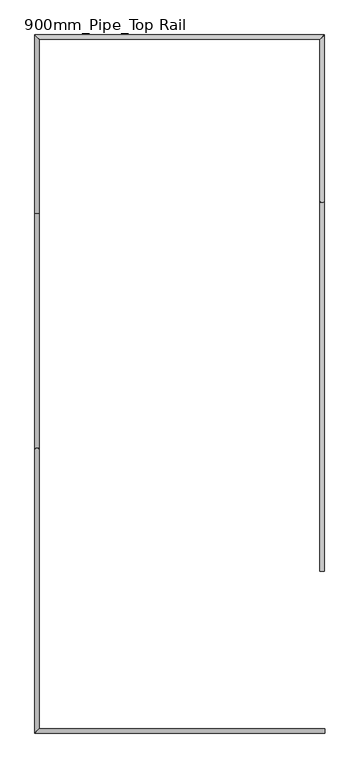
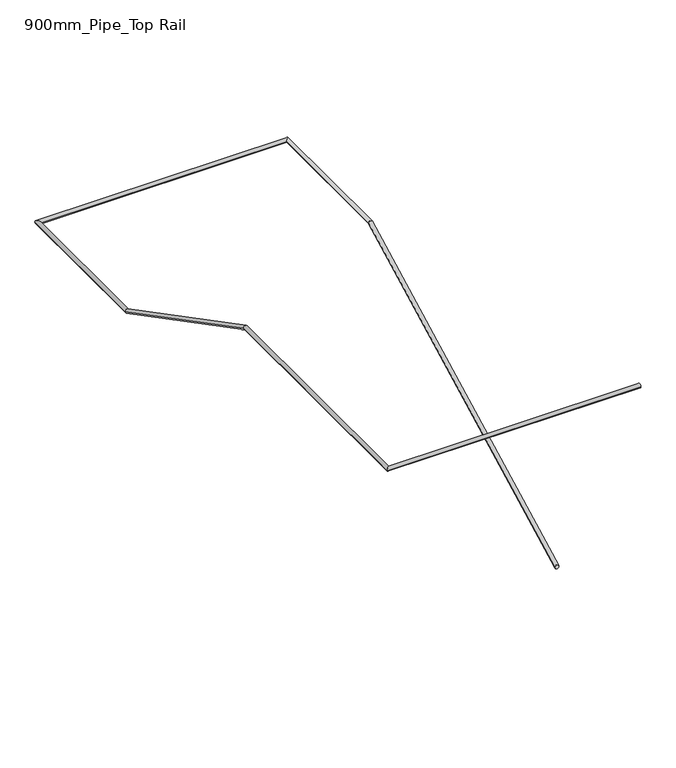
"""IFC4 building model written with IfcOpenShell, lengths in millimetres: railing geometry, 900mm_Pipe_Top Rail."""

from ifc_helpers import new_model, si_unit, frame, origin, place, context, project, spatial, circle_curve, ellipse_curve, source, transform, mapped, element, save
from ifc_brep_helpers import plane_surface, cylinder_surface, advanced_brep


def railing_900mm_pipe_top_rail_24617872(model_context):
    return source(origin(), model_context, "Body", "AdvancedBrep", [
        advanced_brep(
        [(-10790.2146087, -4880.1039323, 12140.0), (-10790.2146087, -4840.1039323, 12140.0), (-13345.3216429, -4840.1039323, 12140.0), (-13385.3216429, -4880.1039323, 12140.0), (-13345.3216429, -2340.00012, 12140.0), (-13385.3216429, -2340.00012, 12140.0), (-10835.2146087, 1319.8960692, 11046.25), (-10795.2146087, 1359.8960692, 11046.25), (-13385.3216429, 1359.8960692, 11046.25), (-13345.3216429, 1319.8960692, 11046.25), (-10835.2146087, -130.2050879, 11046.25), (-10795.2146087, -130.2050879, 11046.25), (-10795.2146087, -3435.1012772, 9324.9499015), (-10835.2146087, -3435.1012772, 9324.9499015), (-13385.3216429, -240.00012, 11046.25), (-13345.3216429, -240.00012, 11046.25)],
        [
            (0, 1, circle_curve(frame((-10790.2146087, -4860.1039323, 12140.0), z_axis=(1.0, 0.0, 0.0), x_axis=(0.0, 1.0, 0.0)), 20.0)),
            (1, 0, circle_curve(frame((-10790.2146087, -4860.1039323, 12140.0), z_axis=(1.0, 0.0, 0.0), x_axis=(0.0, 1.0, 0.0)), 20.0)),
            (2, 3, ellipse_curve(frame((-13365.3216429, -4860.1039323, 12140.0), z_axis=(0.7071067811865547, -0.7071067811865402, 0.0), x_axis=(-0.7071067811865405, -0.7071067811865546, 0.0)), 28.2842712, 20.0)),
            (3, 0),
            (1, 2),
            (3, 2, ellipse_curve(frame((-13365.3216429, -4860.1039323, 12140.0), z_axis=(0.7071067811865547, -0.7071067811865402, 0.0), x_axis=(-0.7071067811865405, -0.7071067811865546, 0.0)), 28.2842712, 20.0)),
            (4, 5, ellipse_curve(frame((-13365.3216429, -2340.00012, 12140.0), z_axis=(0.0, -0.9713171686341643, 0.23778763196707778), x_axis=(0.0, 0.23778763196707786, 0.9713171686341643)), 20.5905966, 20.0)),
            (5, 3),
            (2, 4),
            (5, 4, ellipse_curve(frame((-13365.3216429, -2340.00012, 12140.0), z_axis=(0.0, -0.9713171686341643, 0.23778763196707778), x_axis=(0.0, 0.23778763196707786, 0.9713171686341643)), 20.5905966, 20.0)),
            (6, 7, ellipse_curve(frame((-10815.2146087, 1339.8960692, 11046.25), z_axis=(-0.7071067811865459, 0.707106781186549, 0.0), x_axis=(0.7071067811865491, 0.7071067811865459, 0.0)), 28.2842712, 20.0)),
            (7, 8),
            (8, 9, ellipse_curve(frame((-13365.3216429, 1339.8960692, 11046.25), z_axis=(0.7071067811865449, 0.70710678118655, 0.0), x_axis=(0.7071067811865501, -0.7071067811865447, 0.0)), 28.2842712, 20.0)),
            (9, 6),
            (7, 6, ellipse_curve(frame((-10815.2146087, 1339.8960692, 11046.25), z_axis=(-0.7071067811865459, 0.707106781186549, 0.0), x_axis=(0.7071067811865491, 0.7071067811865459, 0.0)), 28.2842712, 20.0)),
            (9, 8, ellipse_curve(frame((-13365.3216429, 1339.8960692, 11046.25), z_axis=(0.7071067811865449, 0.70710678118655, 0.0), x_axis=(0.7071067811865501, -0.7071067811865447, 0.0)), 28.2842712, 20.0)),
            (10, 11, ellipse_curve(frame((-10815.2146087, -130.2050879, 11046.25), z_axis=(0.0, 0.9713171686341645, 0.23778763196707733), x_axis=(0.0, -0.23778763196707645, 0.9713171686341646)), 20.5905966, 20.0)),
            (11, 7),
            (6, 10),
            (11, 10, ellipse_curve(frame((-10815.2146087, -130.2050879, 11046.25), z_axis=(0.0, 0.9713171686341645, 0.23778763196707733), x_axis=(0.0, -0.23778763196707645, 0.9713171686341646)), 20.5905966, 20.0)),
            (12, 13, ellipse_curve(frame((-10815.2146087, -3435.1012772, 9324.9499015), z_axis=(0.0, -1.0, 0.0), x_axis=(0.0, 0.0, -1.0)), 22.5500985, 20.0)),
            (13, 12, ellipse_curve(frame((-10815.2146087, -3435.1012772, 9324.9499015), z_axis=(0.0, -1.0, 0.0), x_axis=(0.0, 0.0, -1.0)), 22.5500985, 20.0)),
            (12, 11),
            (10, 13),
            (8, 14),
            (14, 15, ellipse_curve(frame((-13365.3216429, -240.00012, 11046.25), z_axis=(0.0, 0.9713171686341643, -0.23778763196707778), x_axis=(0.0, 0.23778763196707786, 0.9713171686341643)), 20.5905966, 20.0)),
            (15, 9),
            (15, 14, ellipse_curve(frame((-13365.3216429, -240.00012, 11046.25), z_axis=(0.0, 0.9713171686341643, -0.23778763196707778), x_axis=(0.0, 0.23778763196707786, 0.9713171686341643)), 20.5905966, 20.0)),
            (14, 5),
            (4, 15),
        ],
        [
            plane_surface(frame((-10790.2146087, -4860.1039323, 12160.0), z_axis=(1.0, 0.0, 0.0), x_axis=(0.0, 1.0, 0.0))),
            cylinder_surface(frame((-13365.3216429, -4860.1039323, 12140.0), z_axis=(-1.0, 0.0, 0.0), x_axis=(0.0, 1.0, 0.0)), 20.0),
            cylinder_surface(frame((-13365.3216429, -2335.1039308, 12140.0), z_axis=(0.0, 1.0, 0.0), x_axis=(1.0, 0.0, 0.0)), 20.0),
            cylinder_surface(frame((-10815.2146087, 1339.8960692, 11046.25), z_axis=(1.0, 0.0, 0.0), x_axis=(0.0, -1.0, 0.0)), 20.0),
            cylinder_surface(frame((-10815.2146087, -135.1012772, 11046.25), z_axis=(0.0, -1.0, 0.0), x_axis=(-1.0, 0.0, 0.0)), 20.0),
            plane_surface(frame((-10815.2146087, -3435.1012772, 9347.5), z_axis=(0.0, -1.0, 0.0), x_axis=(0.0, 0.0, 1.0))),
            cylinder_surface(frame((-10815.2146087, -3425.8625888, 9329.7617183), z_axis=(0.0, -0.8869140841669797, -0.46193441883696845), x_axis=(-1.0, 0.0, 0.0)), 20.0),
            cylinder_surface(frame((-13365.3216429, 1339.8960692, 11046.25), z_axis=(0.0, 1.0, 0.0), x_axis=(1.0, 0.0, 0.0)), 20.0),
            cylinder_surface(frame((-13365.3216429, -244.3426192, 11048.5117183), z_axis=(0.0, 0.8869140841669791, -0.46193441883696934), x_axis=(1.0, 0.0, 0.0)), 20.0),
        ],
        [
            (0, [[1, 2]]),
            (1, [[3, 4, -2, 5]]),
            (1, [[6, -5, -1, -4]]),
            (2, [[7, 8, -3, 9]]),
            (2, [[10, -9, -6, -8]]),
            (3, [[11, 12, 13, 14]]),
            (3, [[15, -14, 16, -12]]),
            (4, [[17, 18, -11, 19]]),
            (4, [[20, -19, -15, -18]]),
            (5, [[21, 22]]),
            (6, [[-21, 23, -17, 24]]),
            (6, [[-22, -24, -20, -23]]),
            (7, [[-13, 25, 26, 27]]),
            (7, [[-16, -27, 28, -25]]),
            (8, [[-26, 29, -7, 30]]),
            (8, [[-28, -30, -10, -29]]),
        ],
    ),
    ])


if __name__ == "__main__":
    model = new_model("IFC4")
    model_context = context("Model", 3, world=origin())
    ifc_project = project(units=[si_unit("LENGTHUNIT", "METRE", prefix="MILLI")], contexts=[model_context])
    site = spatial("IfcSite", under=ifc_project)
    building = spatial("IfcBuilding", under=site)
    placement = place(None, origin())
    railing_900mm_pipe_top_rail_shape = railing_900mm_pipe_top_rail_24617872(model_context)
    element("IfcRailing", 1, ObjectType="900mm_Pipe_Top Rail", at=placement, inside=building, context=model_context, shape_type="MappedRepresentation", body=[
        mapped(railing_900mm_pipe_top_rail_shape, transform((0.0, 0.0, 0.0), x_axis=(1.0, 0.0, 0.0), y_axis=(0.0, 1.0, 0.0), z_axis=(0.0, 0.0, 1.0))),
    ])
    save(model, "model.ifc")

Exercise objective: Could you reproduce exactly the lines from the first line of the listing through the line containing "from ifc_helpers import", both included, with pictures left out?

Reply to the exercise:
"""IFC4 building model written with IfcOpenShell, lengths in millimetres: railing geometry, 900mm_Pipe_Top Rail."""

from ifc_helpers import new_model, si_unit, frame, origin, place, context, project, spatial, circle_curve, ellipse_curve, source, transform, mapped, element, save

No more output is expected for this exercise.